The required result is each line of the entries below containing the string "import".

**Task material:**
- Opening Delimiter -

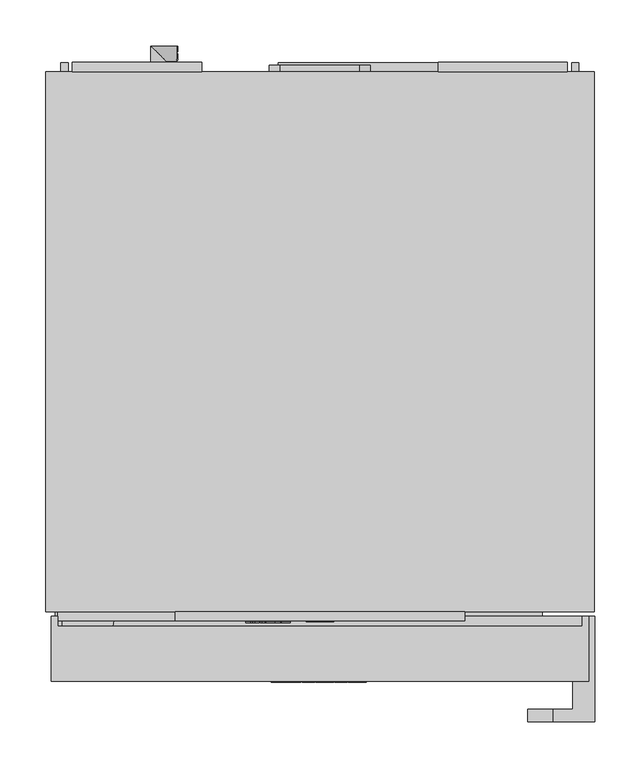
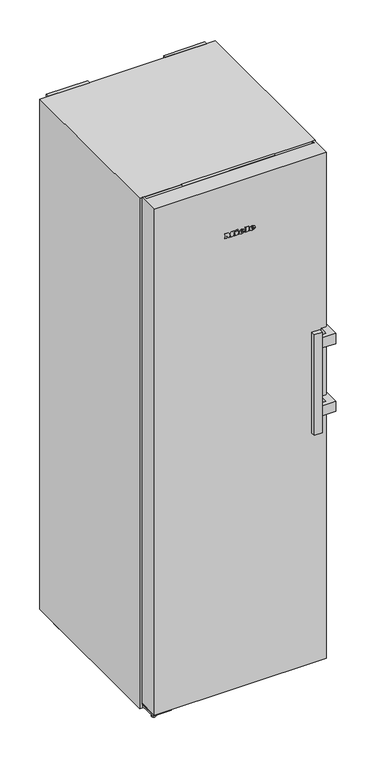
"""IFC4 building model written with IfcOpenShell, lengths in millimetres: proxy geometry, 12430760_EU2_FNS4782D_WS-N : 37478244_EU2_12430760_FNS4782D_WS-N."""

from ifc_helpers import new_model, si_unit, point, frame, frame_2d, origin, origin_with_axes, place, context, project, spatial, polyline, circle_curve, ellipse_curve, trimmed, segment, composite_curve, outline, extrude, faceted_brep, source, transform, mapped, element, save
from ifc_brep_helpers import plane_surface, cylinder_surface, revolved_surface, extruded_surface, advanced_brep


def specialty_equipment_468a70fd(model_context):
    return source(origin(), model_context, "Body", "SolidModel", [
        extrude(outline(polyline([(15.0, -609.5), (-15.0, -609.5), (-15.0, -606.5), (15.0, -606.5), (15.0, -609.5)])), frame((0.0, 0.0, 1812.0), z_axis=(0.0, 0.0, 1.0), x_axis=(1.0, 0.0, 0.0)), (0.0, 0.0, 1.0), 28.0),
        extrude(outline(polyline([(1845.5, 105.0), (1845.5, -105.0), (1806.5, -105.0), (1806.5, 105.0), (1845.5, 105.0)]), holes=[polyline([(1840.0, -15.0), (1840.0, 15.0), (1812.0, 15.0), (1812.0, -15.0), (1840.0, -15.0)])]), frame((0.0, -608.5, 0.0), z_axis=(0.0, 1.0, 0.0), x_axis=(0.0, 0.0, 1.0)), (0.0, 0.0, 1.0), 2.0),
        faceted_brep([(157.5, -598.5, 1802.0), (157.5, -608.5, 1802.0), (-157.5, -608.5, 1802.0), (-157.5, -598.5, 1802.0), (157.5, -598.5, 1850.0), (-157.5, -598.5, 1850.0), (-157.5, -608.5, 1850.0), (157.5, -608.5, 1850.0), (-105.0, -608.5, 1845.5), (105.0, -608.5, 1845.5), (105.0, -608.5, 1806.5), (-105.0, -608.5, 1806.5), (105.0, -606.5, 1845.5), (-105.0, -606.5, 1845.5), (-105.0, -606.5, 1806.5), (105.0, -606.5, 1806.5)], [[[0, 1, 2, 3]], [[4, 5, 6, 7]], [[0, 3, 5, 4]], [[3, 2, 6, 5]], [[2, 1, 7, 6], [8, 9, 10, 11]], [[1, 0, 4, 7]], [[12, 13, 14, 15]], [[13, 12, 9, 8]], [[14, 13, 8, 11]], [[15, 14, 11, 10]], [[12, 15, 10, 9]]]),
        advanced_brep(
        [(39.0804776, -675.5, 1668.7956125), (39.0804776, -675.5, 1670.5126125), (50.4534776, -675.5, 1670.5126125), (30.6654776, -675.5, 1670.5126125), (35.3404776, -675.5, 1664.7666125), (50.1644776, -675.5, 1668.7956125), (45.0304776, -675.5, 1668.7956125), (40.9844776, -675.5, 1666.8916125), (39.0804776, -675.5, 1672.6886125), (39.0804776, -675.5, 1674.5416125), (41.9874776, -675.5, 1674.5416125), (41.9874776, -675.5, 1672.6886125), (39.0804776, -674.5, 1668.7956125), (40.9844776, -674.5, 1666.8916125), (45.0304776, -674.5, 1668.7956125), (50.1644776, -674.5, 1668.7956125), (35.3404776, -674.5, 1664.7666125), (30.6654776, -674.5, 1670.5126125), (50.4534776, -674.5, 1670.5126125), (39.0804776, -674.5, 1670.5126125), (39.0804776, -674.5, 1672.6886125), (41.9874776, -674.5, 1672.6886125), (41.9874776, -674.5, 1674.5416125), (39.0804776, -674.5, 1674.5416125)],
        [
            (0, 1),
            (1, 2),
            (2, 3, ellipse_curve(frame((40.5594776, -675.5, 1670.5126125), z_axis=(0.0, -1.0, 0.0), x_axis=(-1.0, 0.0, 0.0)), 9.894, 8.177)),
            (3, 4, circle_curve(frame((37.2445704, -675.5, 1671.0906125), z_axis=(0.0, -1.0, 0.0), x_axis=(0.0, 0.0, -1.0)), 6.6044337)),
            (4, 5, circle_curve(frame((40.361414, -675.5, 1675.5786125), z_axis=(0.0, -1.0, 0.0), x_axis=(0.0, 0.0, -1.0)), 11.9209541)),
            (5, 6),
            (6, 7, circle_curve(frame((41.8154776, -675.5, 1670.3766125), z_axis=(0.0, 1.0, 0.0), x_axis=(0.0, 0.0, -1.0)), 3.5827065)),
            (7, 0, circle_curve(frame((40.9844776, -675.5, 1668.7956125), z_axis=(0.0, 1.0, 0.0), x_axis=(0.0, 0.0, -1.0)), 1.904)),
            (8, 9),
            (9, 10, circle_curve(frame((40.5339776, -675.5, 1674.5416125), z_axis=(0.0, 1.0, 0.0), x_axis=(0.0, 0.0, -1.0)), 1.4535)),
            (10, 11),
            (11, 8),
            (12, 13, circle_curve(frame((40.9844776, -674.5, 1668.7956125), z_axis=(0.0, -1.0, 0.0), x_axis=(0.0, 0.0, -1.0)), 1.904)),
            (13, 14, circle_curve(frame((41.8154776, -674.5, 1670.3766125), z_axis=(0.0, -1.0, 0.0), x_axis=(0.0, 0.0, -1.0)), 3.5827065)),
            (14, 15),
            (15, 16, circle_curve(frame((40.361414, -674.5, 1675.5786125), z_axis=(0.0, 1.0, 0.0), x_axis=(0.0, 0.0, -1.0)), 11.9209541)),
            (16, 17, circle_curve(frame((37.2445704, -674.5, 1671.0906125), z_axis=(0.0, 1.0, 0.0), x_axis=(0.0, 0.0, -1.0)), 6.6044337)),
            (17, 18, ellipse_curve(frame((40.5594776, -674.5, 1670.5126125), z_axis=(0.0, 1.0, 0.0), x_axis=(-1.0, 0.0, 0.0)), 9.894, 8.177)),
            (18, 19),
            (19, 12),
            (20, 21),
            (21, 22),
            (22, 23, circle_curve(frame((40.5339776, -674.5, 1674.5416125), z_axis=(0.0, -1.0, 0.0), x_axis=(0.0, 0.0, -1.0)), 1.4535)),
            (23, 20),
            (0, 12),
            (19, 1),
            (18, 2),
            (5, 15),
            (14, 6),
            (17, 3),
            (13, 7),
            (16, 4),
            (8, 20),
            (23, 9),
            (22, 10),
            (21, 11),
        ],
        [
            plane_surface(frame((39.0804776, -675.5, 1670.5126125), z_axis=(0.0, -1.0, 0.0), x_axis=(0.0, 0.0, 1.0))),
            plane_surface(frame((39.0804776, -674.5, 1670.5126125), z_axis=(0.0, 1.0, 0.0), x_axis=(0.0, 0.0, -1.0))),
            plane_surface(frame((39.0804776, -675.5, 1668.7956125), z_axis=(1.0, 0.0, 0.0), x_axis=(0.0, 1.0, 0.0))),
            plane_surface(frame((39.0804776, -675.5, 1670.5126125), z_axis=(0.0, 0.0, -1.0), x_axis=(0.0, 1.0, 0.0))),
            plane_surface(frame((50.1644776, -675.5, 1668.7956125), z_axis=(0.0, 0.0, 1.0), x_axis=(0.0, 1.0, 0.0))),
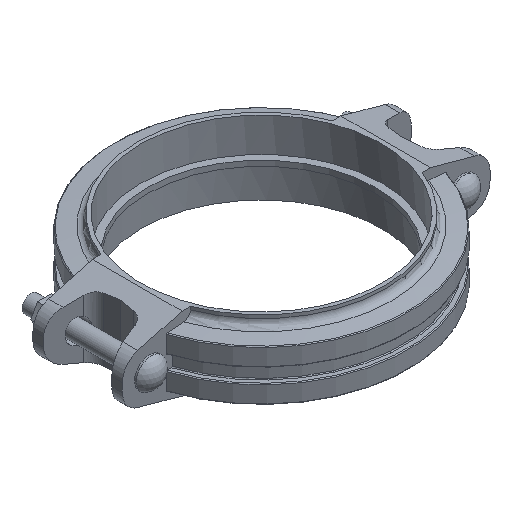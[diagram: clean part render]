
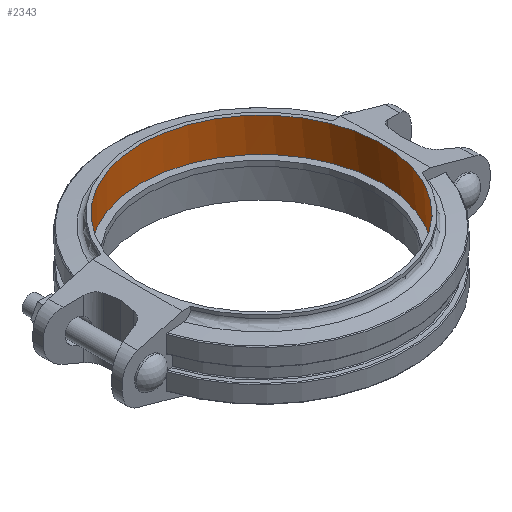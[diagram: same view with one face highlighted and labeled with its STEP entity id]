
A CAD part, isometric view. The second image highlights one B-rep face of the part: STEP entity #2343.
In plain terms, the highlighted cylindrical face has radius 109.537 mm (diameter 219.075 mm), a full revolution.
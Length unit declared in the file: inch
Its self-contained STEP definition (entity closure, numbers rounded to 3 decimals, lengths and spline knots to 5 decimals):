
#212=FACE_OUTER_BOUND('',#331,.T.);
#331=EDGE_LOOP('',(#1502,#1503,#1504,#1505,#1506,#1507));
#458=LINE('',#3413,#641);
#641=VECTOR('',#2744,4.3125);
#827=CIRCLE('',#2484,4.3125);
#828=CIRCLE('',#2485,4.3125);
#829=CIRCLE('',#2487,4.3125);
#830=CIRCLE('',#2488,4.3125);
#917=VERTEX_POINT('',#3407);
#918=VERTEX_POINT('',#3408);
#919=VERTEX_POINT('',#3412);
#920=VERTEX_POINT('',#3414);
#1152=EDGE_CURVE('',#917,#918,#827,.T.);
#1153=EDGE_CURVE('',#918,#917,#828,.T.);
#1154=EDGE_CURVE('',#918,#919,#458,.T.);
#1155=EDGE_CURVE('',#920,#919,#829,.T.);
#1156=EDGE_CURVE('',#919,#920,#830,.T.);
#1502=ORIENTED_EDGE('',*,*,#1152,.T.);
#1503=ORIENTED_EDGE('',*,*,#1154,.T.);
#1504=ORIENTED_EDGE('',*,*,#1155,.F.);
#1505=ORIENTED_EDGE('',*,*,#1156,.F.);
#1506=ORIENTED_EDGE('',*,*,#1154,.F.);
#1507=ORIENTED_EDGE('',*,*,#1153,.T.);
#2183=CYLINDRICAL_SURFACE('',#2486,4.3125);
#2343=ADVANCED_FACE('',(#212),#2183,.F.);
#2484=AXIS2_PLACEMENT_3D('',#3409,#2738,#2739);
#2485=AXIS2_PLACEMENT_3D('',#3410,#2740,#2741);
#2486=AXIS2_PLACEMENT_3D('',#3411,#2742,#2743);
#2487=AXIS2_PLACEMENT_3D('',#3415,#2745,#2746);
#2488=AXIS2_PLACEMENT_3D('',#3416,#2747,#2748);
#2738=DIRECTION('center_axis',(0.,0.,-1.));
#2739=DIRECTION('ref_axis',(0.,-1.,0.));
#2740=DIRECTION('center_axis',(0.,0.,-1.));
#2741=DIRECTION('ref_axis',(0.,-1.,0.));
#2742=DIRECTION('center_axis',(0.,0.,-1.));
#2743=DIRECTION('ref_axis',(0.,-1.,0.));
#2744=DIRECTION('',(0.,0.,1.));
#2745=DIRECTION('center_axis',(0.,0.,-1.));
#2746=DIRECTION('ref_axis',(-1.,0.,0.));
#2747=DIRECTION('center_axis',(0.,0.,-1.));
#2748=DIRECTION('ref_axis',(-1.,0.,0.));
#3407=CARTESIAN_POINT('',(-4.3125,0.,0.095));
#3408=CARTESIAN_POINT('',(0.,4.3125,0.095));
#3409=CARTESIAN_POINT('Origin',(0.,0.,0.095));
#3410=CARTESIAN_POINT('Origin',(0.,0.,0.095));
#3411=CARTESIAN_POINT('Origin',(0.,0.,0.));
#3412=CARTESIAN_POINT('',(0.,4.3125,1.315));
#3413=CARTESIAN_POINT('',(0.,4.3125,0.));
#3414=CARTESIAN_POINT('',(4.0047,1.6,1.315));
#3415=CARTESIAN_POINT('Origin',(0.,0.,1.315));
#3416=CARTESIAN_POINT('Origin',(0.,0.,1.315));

- Closing Delimiter -

**Reply:**
from ifc_helpers import new_model, si_unit, point, frame, frame_2d, origin, origin_with_axes, place, context, project, spatial, polyline, circle_curve, ellipse_curve, trimmed, segment, composite_curve, outline, extrude, faceted_brep, source, transform, mapped, element, save
from ifc_brep_helpers import plane_surface, cylinder_surface, revolved_surface, extruded_surface, advanced_brep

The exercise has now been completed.